==== Data ====

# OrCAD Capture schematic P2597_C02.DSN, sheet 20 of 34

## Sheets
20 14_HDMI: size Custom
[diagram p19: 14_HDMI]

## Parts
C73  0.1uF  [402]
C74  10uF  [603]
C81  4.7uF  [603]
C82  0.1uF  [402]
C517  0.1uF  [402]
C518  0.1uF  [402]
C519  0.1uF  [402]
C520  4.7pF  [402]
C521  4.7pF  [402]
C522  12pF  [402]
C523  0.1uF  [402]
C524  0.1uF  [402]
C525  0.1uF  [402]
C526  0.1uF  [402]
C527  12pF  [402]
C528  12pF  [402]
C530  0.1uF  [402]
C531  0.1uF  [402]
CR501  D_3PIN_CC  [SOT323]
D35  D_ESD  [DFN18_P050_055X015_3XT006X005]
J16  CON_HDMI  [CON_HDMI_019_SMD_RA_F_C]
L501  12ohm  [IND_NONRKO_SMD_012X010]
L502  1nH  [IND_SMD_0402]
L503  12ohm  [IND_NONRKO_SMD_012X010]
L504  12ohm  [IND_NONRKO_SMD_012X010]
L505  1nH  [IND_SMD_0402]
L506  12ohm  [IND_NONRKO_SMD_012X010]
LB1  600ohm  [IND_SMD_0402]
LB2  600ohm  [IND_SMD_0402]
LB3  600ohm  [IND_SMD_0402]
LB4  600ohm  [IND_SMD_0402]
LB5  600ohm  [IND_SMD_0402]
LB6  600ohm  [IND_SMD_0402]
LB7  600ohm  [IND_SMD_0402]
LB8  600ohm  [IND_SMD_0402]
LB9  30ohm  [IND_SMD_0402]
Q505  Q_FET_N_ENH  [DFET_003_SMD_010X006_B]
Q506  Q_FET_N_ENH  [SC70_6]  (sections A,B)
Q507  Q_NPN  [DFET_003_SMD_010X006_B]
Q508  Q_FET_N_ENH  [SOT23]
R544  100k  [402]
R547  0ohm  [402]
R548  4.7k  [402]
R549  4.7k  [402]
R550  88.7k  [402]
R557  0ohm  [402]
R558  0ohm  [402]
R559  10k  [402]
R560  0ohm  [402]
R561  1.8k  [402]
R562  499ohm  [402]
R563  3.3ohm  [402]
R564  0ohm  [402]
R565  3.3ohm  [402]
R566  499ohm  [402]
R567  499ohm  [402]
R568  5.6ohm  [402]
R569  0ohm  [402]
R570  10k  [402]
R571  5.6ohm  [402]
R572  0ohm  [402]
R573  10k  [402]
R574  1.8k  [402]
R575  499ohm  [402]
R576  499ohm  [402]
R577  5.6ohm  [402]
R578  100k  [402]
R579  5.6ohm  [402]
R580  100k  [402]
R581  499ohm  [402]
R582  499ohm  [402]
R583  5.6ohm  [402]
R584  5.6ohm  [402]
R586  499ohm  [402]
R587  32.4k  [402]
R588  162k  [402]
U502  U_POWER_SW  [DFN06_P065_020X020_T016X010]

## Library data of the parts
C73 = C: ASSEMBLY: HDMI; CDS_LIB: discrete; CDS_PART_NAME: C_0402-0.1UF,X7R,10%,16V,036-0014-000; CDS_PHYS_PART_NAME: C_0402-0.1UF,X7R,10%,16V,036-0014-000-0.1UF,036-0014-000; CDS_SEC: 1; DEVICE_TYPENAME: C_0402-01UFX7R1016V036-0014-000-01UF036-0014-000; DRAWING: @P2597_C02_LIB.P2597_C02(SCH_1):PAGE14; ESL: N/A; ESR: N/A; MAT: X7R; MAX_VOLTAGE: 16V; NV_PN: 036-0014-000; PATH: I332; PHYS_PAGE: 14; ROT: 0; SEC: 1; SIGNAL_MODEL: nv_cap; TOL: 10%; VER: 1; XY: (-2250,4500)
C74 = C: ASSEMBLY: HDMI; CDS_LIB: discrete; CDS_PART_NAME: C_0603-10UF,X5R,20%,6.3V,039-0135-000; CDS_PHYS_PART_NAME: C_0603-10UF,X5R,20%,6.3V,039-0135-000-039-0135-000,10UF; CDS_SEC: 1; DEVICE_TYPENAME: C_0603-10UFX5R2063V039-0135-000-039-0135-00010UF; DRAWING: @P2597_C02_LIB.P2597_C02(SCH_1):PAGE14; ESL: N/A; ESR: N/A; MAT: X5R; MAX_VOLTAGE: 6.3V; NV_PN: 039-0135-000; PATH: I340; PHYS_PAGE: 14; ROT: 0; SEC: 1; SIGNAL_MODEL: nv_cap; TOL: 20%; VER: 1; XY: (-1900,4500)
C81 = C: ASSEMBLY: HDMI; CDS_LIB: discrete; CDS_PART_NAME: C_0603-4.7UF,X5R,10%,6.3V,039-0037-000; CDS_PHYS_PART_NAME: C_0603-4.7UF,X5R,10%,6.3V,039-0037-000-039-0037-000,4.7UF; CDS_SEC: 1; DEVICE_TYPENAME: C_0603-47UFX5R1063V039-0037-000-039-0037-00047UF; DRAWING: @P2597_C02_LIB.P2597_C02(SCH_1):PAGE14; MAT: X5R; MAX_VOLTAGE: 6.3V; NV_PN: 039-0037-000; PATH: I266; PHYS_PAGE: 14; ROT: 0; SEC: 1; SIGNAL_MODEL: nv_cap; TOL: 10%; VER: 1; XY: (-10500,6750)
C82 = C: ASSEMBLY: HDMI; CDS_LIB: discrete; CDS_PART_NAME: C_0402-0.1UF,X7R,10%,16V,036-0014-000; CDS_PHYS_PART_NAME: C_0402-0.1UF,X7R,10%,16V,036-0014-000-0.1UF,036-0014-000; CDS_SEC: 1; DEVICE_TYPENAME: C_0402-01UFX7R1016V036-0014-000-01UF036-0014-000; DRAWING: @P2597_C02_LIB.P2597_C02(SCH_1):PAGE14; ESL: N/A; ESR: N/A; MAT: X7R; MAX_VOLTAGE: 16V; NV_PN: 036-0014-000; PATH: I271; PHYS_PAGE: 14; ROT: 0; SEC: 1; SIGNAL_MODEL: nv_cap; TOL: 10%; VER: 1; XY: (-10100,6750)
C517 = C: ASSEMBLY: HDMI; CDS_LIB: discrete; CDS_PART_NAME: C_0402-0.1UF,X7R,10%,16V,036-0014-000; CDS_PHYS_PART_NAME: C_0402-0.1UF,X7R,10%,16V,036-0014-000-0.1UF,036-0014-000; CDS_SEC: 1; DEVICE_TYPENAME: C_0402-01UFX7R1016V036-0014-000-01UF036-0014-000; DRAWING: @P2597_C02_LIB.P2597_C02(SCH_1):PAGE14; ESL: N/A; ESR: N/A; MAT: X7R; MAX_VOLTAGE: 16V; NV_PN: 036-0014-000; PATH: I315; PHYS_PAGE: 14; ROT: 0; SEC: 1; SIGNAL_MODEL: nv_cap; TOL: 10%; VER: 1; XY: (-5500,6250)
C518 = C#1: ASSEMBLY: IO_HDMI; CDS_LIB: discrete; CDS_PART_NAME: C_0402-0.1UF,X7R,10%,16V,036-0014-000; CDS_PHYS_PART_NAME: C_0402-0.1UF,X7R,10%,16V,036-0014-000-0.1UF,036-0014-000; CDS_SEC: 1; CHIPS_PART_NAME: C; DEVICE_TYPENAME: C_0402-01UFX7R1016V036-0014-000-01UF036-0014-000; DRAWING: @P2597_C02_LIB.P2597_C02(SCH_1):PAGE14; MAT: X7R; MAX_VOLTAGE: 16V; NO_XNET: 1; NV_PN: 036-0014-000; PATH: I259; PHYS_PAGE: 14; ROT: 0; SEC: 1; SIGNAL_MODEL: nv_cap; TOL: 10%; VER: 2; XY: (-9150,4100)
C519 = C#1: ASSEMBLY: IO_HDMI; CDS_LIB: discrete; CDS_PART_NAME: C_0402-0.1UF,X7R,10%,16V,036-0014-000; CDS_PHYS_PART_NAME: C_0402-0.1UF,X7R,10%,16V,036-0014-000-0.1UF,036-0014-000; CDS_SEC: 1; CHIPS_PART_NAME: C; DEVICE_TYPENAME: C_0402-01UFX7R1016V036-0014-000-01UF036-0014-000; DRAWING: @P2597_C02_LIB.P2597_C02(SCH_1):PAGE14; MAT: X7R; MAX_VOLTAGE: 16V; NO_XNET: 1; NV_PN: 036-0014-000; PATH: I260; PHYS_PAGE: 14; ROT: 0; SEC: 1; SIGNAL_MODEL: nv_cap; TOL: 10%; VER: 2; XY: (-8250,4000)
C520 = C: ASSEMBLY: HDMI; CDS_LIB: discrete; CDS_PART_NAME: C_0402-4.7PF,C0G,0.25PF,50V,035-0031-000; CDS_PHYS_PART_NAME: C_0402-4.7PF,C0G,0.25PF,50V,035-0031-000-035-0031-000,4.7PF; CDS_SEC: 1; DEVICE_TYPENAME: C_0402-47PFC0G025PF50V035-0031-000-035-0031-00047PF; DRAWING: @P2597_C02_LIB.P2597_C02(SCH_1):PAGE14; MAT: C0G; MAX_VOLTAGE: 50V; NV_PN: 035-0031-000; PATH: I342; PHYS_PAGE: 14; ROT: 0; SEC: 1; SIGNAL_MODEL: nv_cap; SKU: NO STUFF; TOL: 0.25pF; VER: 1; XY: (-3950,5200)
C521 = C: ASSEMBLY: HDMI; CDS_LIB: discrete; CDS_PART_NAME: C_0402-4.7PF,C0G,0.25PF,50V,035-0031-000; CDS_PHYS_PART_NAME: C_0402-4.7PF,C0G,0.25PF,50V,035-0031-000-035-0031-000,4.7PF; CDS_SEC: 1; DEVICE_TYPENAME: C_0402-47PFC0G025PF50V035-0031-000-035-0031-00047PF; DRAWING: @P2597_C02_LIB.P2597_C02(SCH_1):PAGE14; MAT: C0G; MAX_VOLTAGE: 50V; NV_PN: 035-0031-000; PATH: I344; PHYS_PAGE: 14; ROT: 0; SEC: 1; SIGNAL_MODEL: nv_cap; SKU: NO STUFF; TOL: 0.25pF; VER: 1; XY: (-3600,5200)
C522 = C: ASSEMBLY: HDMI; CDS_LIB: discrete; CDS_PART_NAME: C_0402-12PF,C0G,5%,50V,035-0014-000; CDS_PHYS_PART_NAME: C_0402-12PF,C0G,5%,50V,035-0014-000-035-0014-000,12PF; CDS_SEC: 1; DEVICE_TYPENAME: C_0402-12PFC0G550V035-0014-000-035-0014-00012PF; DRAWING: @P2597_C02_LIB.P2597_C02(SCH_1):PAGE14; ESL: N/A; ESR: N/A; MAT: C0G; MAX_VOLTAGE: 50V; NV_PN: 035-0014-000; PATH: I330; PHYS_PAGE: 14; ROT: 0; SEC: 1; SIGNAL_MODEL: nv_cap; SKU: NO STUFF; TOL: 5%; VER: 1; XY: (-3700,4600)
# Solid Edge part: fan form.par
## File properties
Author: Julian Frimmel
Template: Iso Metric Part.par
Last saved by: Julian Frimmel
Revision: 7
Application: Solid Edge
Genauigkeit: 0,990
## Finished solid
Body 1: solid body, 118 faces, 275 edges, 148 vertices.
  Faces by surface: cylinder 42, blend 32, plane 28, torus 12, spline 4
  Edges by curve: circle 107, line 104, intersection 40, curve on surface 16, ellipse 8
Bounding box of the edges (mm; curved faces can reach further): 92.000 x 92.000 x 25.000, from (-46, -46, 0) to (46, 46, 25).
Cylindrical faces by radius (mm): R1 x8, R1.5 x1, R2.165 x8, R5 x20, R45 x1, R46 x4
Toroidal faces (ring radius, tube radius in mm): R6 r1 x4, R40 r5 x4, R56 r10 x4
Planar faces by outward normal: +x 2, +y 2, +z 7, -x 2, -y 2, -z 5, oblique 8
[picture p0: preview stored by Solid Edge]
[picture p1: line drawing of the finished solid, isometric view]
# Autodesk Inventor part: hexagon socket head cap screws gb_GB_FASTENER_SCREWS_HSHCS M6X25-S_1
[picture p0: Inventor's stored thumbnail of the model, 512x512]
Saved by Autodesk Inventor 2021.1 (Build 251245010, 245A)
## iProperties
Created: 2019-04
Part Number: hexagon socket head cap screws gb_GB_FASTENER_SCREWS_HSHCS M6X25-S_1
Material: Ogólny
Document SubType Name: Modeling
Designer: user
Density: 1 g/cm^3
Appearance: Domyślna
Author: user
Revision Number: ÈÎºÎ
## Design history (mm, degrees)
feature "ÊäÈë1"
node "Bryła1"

====

▶ **Your objective**: Answer with one number: how many lines of the entries above include the word "picture".

▶ **Written solution**: 3